Source records:
-*-

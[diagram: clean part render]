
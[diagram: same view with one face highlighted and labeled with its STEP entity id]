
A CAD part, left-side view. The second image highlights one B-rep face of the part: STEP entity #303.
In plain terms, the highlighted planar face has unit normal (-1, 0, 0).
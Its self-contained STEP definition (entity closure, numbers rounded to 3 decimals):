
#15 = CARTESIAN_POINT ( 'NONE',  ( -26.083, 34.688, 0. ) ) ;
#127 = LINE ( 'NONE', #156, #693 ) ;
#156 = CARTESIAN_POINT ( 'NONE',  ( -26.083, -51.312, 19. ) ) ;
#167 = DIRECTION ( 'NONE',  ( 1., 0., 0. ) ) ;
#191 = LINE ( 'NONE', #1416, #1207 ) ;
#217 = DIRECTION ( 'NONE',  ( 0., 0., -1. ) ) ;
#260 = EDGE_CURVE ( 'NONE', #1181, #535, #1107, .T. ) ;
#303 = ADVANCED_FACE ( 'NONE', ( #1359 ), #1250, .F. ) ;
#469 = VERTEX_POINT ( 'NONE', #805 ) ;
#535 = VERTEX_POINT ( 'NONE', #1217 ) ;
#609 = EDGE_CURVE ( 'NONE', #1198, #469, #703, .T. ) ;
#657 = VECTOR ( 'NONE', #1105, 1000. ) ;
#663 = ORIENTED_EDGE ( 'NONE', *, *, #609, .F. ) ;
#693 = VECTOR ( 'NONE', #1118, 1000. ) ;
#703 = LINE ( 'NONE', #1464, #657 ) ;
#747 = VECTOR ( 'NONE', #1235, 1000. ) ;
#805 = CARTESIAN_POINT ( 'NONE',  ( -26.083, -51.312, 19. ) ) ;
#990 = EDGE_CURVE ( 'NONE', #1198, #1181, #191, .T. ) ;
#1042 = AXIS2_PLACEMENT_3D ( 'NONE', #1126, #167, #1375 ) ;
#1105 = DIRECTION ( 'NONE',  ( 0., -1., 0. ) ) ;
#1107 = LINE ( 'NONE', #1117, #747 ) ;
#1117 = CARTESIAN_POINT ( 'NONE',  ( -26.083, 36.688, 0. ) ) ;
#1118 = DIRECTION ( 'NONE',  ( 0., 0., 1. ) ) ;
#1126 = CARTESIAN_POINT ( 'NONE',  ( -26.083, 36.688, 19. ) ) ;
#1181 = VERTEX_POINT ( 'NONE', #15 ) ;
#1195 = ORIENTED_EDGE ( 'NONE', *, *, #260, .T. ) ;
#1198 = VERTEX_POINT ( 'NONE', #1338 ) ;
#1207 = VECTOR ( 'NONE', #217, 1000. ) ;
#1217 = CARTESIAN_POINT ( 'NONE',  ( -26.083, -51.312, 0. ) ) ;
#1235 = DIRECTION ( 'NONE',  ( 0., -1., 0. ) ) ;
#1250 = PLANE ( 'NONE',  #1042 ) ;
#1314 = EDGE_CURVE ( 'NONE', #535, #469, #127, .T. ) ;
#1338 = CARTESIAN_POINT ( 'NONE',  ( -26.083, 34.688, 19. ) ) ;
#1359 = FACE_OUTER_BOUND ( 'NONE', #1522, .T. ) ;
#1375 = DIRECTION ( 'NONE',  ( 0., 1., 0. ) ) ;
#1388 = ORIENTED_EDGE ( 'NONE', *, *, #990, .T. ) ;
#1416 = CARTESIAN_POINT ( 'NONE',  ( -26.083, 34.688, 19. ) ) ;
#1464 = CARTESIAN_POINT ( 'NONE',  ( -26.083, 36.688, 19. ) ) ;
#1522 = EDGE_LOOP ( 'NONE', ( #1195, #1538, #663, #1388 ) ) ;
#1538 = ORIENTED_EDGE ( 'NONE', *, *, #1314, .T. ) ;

-*-

▶ _Exercise_:
Lines from the one containing "#1522 = EDGE_LOOP" through the last line of the records, both included, are the only ones to print, each exactly as it is.

▶ _Solution for this exercise_:
#1522 = EDGE_LOOP ( 'NONE', ( #1195, #1538, #663, #1388 ) ) ;
#1538 = ORIENTED_EDGE ( 'NONE', *, *, #1314, .T. ) ;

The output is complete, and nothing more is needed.